Reputation: 925
I had a question on how libraries like numpy work. When I import numpy
, I'm given access to a host of built in classes, functions, and constants such as numpy.array
, numpy.sqrt
etc.
But within numpy there are additional submodules such as numpy.testing
.
How is this done? In my limited experience, modules with submodules are simply folders with a __init__.py
file, while modules with functions/classes are actual python files. How does one create a module "folder" that also has functions/classes?
Upvotes: 35
Views: 38796
Reputation: 10585
A folder with .py
files and a __init__.py
is called a package
. One of those files containing classes and functions is a module
. Folder nesting can give you subpackages.

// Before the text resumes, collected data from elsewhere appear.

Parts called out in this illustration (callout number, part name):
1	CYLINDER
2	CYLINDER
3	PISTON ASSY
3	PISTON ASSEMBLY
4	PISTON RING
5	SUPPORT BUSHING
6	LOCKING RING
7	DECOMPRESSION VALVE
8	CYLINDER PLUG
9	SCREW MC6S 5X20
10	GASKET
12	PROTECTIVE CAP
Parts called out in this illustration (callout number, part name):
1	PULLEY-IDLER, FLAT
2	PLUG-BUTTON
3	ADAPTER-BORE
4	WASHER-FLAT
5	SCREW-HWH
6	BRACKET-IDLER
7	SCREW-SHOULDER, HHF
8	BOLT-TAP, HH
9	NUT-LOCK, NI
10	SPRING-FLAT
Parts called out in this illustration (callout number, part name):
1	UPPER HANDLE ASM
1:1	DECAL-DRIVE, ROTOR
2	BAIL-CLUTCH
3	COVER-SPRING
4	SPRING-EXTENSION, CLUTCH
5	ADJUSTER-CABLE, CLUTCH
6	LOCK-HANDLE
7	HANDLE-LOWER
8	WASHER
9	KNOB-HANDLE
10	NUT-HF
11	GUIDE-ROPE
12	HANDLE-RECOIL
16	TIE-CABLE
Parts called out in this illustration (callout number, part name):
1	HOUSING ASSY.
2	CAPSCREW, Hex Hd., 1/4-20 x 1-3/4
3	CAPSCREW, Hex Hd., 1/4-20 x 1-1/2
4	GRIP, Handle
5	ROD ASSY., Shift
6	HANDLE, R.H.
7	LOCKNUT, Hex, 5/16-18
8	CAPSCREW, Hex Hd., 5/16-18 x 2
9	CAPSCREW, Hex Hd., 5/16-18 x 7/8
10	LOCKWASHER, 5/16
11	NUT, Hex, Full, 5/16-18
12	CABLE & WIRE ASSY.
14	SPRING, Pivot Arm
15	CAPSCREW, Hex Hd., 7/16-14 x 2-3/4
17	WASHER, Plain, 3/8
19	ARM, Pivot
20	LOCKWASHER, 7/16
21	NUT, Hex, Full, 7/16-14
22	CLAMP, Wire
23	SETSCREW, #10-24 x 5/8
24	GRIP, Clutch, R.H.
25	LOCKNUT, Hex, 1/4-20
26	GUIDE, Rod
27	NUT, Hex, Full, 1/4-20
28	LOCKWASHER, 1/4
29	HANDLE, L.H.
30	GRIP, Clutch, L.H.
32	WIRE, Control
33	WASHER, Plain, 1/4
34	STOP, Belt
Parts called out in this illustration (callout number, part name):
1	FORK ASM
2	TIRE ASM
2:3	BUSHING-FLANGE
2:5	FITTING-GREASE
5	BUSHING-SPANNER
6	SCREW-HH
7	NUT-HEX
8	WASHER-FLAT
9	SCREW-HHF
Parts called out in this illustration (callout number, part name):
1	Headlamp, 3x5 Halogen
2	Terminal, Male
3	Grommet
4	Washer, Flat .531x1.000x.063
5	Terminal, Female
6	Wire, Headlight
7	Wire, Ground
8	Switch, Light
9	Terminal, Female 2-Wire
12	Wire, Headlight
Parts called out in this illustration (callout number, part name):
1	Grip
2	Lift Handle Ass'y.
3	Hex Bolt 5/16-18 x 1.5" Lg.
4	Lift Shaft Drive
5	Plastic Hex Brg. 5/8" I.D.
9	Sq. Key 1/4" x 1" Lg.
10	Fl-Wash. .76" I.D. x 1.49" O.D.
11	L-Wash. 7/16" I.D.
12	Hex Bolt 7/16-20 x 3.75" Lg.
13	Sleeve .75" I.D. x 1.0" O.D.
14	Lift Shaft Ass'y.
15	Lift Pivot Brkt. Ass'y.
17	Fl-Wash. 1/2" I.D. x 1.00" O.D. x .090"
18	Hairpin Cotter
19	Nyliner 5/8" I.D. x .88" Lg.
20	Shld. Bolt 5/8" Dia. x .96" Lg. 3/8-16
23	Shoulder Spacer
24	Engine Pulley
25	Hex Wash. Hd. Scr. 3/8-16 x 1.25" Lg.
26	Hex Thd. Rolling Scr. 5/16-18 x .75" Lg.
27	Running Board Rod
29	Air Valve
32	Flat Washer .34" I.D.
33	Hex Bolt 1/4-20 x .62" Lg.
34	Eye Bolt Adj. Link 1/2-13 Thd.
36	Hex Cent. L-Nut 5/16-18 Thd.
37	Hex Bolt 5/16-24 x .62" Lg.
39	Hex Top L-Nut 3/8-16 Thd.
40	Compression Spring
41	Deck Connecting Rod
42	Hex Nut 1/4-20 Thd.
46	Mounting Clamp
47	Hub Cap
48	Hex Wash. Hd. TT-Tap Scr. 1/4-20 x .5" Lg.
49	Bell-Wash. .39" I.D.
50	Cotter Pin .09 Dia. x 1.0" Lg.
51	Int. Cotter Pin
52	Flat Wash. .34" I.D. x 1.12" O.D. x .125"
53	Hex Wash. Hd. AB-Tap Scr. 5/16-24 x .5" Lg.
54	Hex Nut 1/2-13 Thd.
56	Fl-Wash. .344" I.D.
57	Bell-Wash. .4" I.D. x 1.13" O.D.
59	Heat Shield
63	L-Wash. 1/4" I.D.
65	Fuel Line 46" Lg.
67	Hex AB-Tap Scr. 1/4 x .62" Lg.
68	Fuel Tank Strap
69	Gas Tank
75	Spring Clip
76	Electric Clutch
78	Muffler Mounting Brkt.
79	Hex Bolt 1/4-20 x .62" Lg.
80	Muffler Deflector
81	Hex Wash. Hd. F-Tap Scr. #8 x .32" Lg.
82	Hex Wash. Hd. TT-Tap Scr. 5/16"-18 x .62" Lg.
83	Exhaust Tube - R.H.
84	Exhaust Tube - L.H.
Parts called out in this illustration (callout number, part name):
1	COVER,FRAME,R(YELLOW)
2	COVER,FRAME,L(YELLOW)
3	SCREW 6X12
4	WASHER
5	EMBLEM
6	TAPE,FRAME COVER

So for example if I had the following structure:
mypackage
__init__.py
module_a.py
module_b.py
mysubpackage
__init__.py
module_c.py
module_d.py
I could import mypackage.module_a
or mypackage.mysubpackage.module_c
and so on.
You could also add functions to mypackage
(like the numpy functions you mentioned) by placing that code in the __init__.py
. Though this is usually considered to be ugly.
If you look at numpy's __init__.py
you will see a lot of code in there - a lot of this is defining these top-level classes and functions. The __init__.py
code is the first thing executed when the package is loaded.